%%

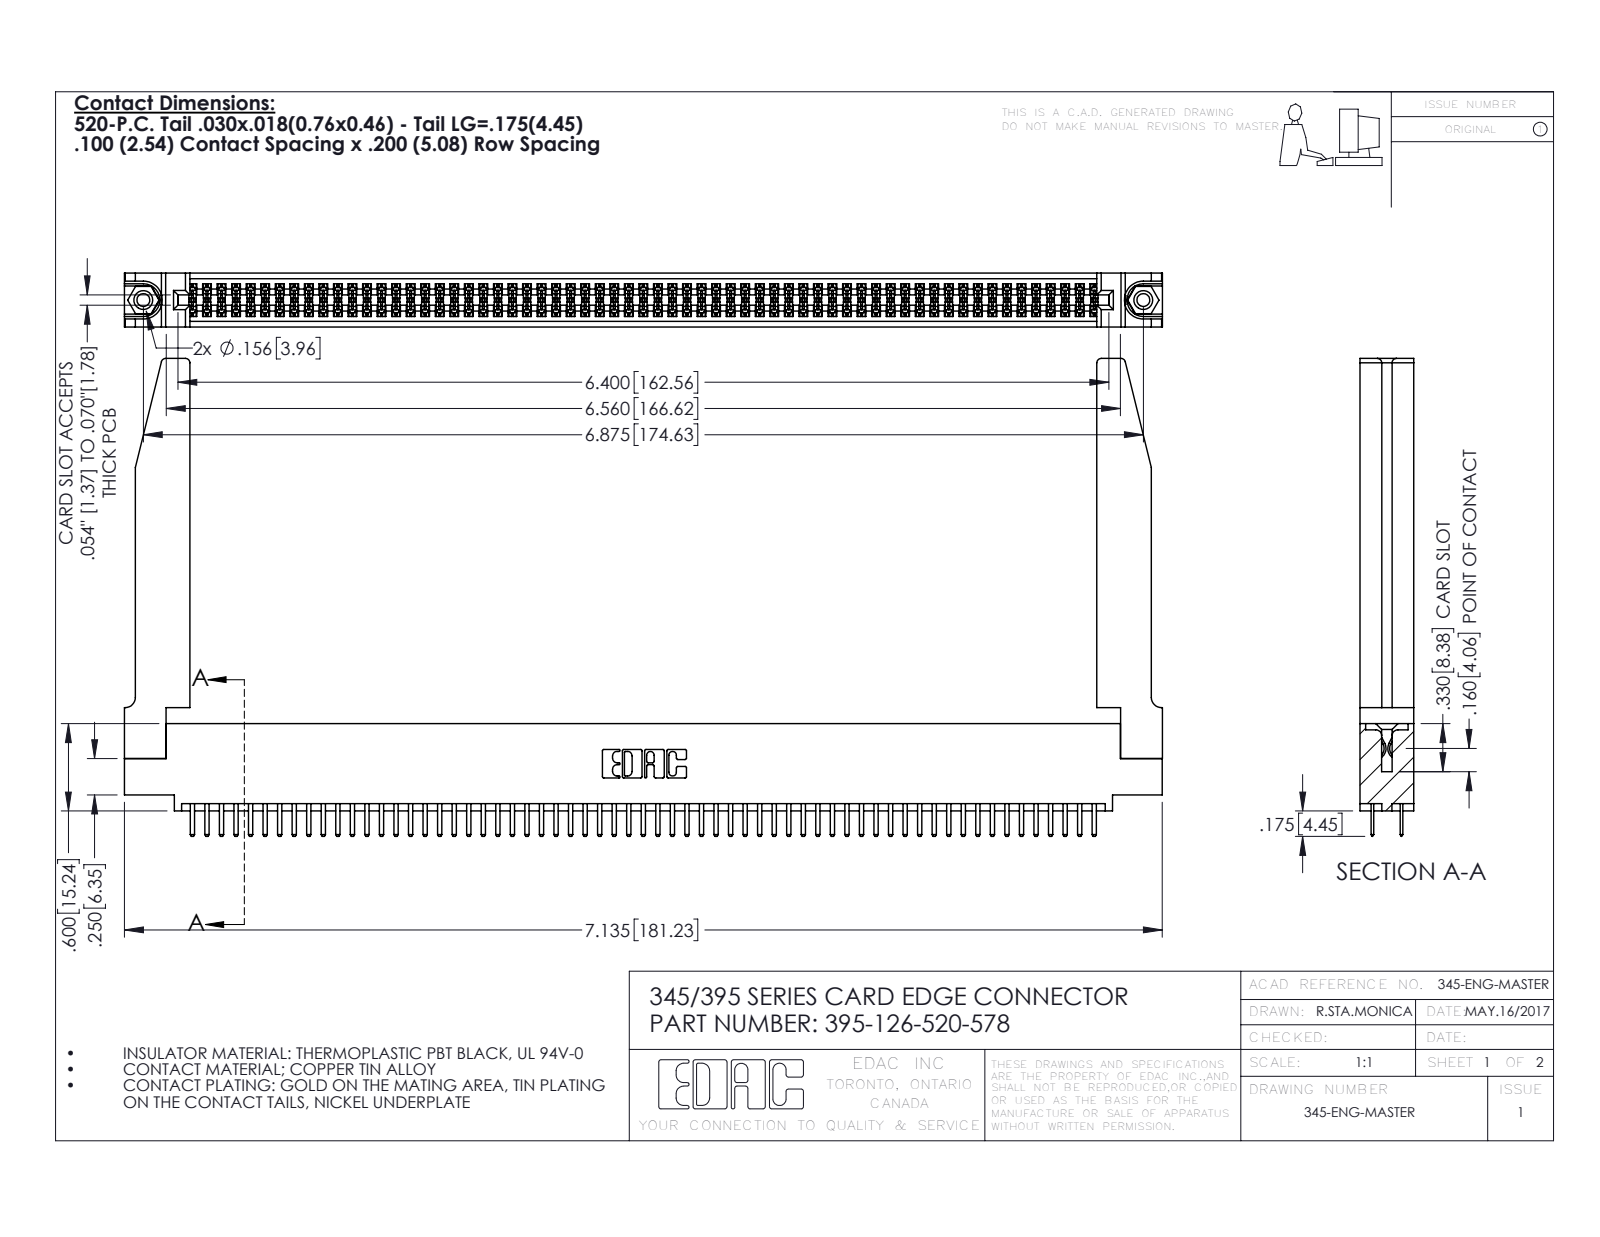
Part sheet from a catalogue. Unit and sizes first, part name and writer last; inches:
Units: inches
Overall size (bounding box): 7.136 × 3.285 × 0.37
Round holes (diameter × count): ⌀0.089 ×2, ⌀0.125 ×2, ⌀0.156 ×2, ⌀0.064 ×1
Round bosses / shafts (diameter × count): ⌀0.155 ×2
Partial cylindrical surfaces — rounded edges, fillets, slot ends (radius × count): R0.006 ×189, R0.01 ×130, R0.01 ×22, R0.03 ×8, R0.007 ×6, R0.031 ×6, R0.026 ×3, R0.014 ×2
Main face-to-face distances: 0.072, 0.37, 0.298, 0.2, 0.098, 0.272, 0.025, 0.225, 0.022, 0.072
Hole centre spacings: 0.27, 6.639, 6.875
Volume: 1.553 in³ · Surface area: 51.68 in²
Bodies: 131 solids, 7168 faces (4636 planar, 2480 cylindrical, 52 other)
Part name (STEP PRODUCT): 395-126-520-578; 345-220-078_345-220-078; 345-250-001_345-250-001-102; 345 Part_0.110 Offset - 0.156 Dia-TH (+1 more)
STEP written by: SolidWorks 2016 (CONFIG_CONTROL_DESIGN)
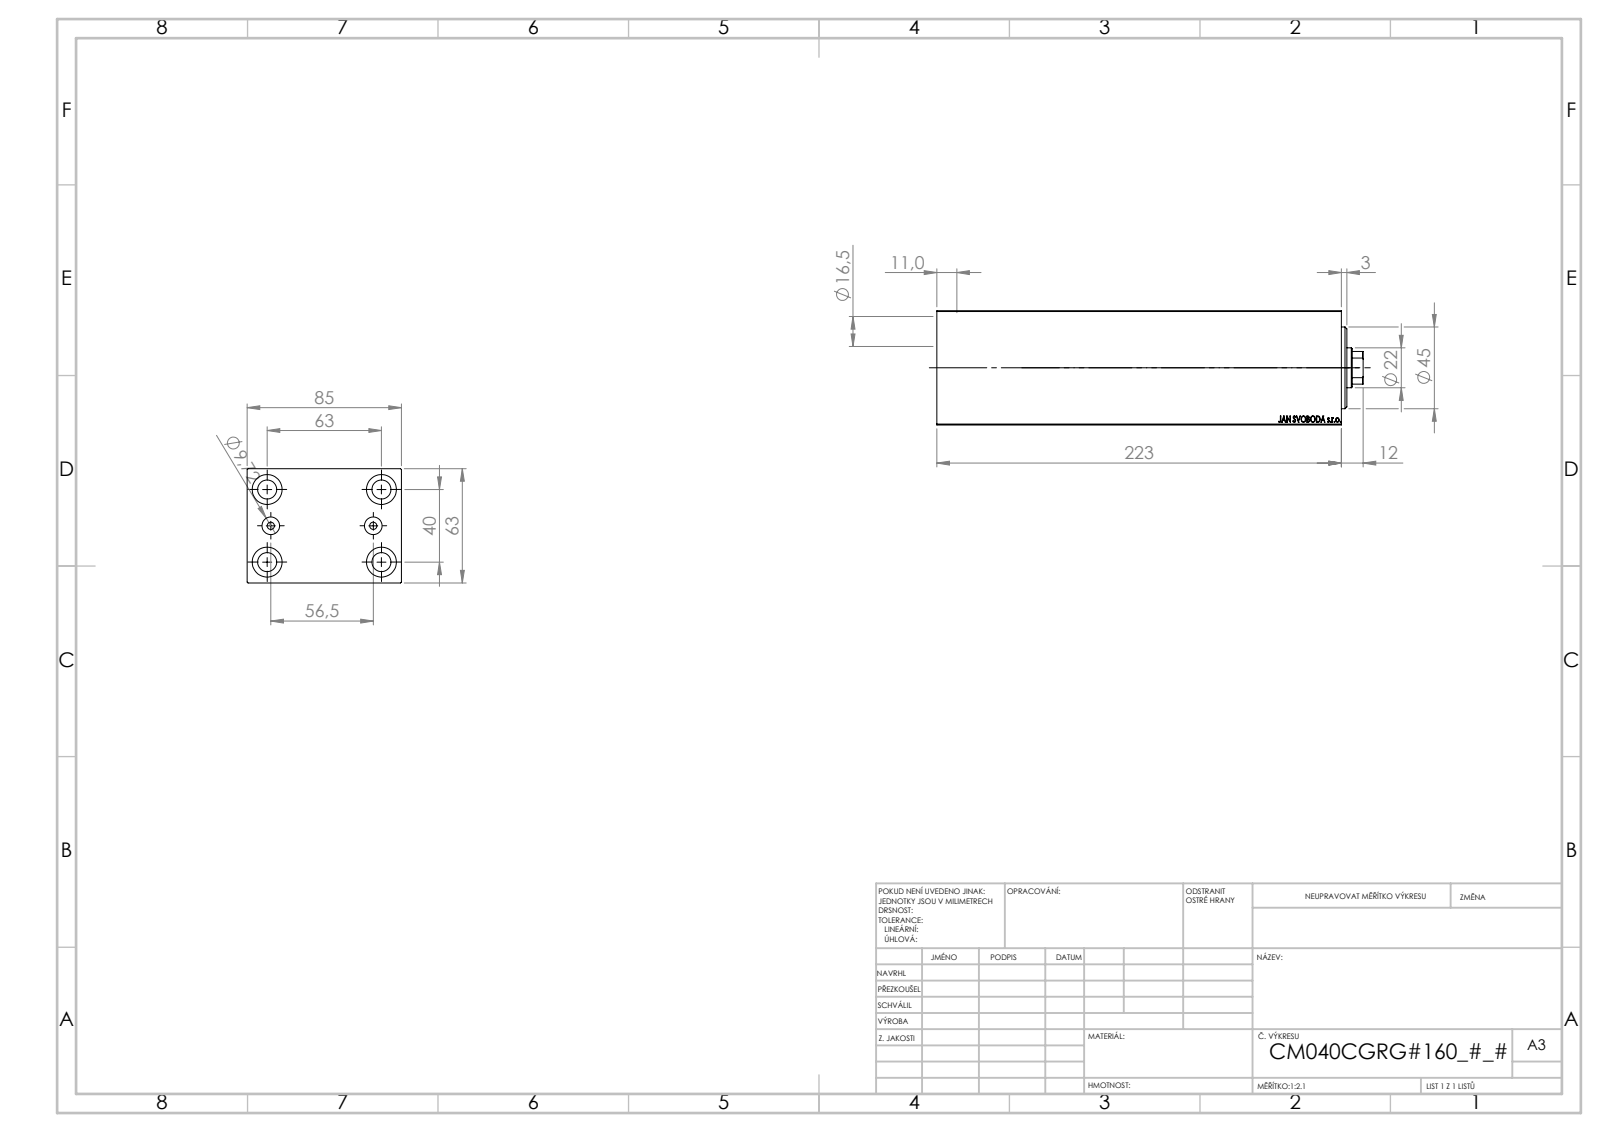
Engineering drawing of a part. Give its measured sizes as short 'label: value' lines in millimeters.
name: V450CM_C_Body; V450CM_C_VCP; V450CM_VC_B
written by: SolidWorks 2019 (CONFIG_CONTROL_DESIGN)
unit: mm
bodies: 3 solids, 858 faces (408 planar, 56 cylindrical, 394 other)
size: 234 × 85 × 63
volume: 1 095 000 mm³; area: 135 319 mm²
holes: 4× ⌀10.5, 4× ⌀16.5, 2× ⌀4, 2× ⌀9.72, 1× ⌀12.5, 1× ⌀22, 1× ⌀25.5, 1× ⌀40, 1× ⌀42, 1× ⌀45
rounds: 1× R10.5
face distances: 63, 85, 223, 51, 172, 11, 21.6, 29.4, 201.4, 10
hole spacings: 20.26, 37.31, 63.01, 28.25, 40, 63, 74.63, 56.5
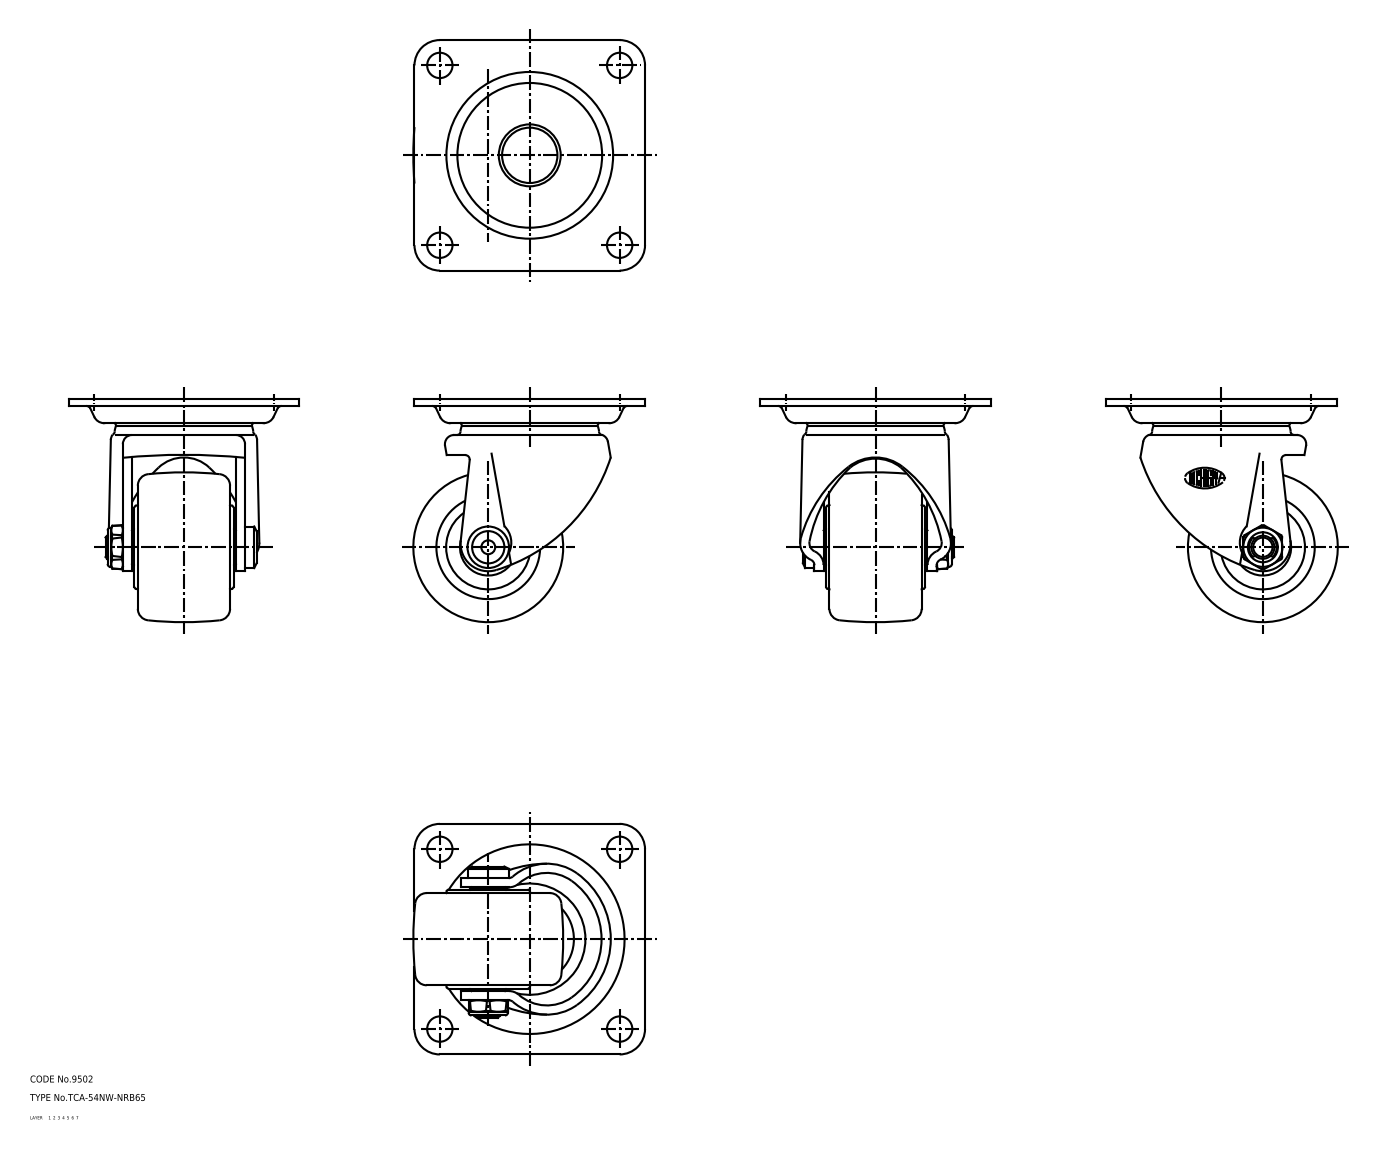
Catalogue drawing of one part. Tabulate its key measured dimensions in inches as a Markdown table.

%%

__EXERCISE BRIEF__
Please return the full listing word for word, but without any pictures.

__ANSWER SPACE__
Part sheet from a catalogue. Unit and sizes first, part name and writer last; inches:
Units: inches
Overall size (bounding box): 7.136 × 3.285 × 0.37
Round holes (diameter × count): ⌀0.089 ×2, ⌀0.125 ×2, ⌀0.156 ×2, ⌀0.064 ×1
Round bosses / shafts (diameter × count): ⌀0.155 ×2
Partial cylindrical surfaces — rounded edges, fillets, slot ends (radius × count): R0.006 ×189, R0.01 ×130, R0.01 ×22, R0.03 ×8, R0.007 ×6, R0.031 ×6, R0.026 ×3, R0.014 ×2
Main face-to-face distances: 0.072, 0.37, 0.298, 0.2, 0.098, 0.272, 0.025, 0.225, 0.022, 0.072
Hole centre spacings: 0.27, 6.639, 6.875
Volume: 1.553 in³ · Surface area: 51.68 in²
Bodies: 131 solids, 7168 faces (4636 planar, 2480 cylindrical, 52 other)
Part name (STEP PRODUCT): 395-126-520-578; 345-220-078_345-220-078; 345-250-001_345-250-001-102; 345 Part_0.110 Offset - 0.156 Dia-TH (+1 more)
STEP written by: SolidWorks 2016 (CONFIG_CONTROL_DESIGN)
Engineering drawing of a part. Give its measured sizes as short 'label: value' lines in millimeters.
name: V450CM_C_Body; V450CM_C_VCP; V450CM_VC_B
written by: SolidWorks 2019 (CONFIG_CONTROL_DESIGN)
unit: mm
bodies: 3 solids, 858 faces (408 planar, 56 cylindrical, 394 other)
size: 234 × 85 × 63
volume: 1 095 000 mm³; area: 135 319 mm²
holes: 4× ⌀10.5, 4× ⌀16.5, 2× ⌀4, 2× ⌀9.72, 1× ⌀12.5, 1× ⌀22, 1× ⌀25.5, 1× ⌀40, 1× ⌀42, 1× ⌀45
rounds: 1× R10.5
face distances: 63, 85, 223, 51, 172, 11, 21.6, 29.4, 201.4, 10
hole spacings: 20.26, 37.31, 63.01, 28.25, 40, 63, 74.63, 56.5
Catalogue drawing of one part. Tabulate its key measured dimensions in inches as a Markdown table.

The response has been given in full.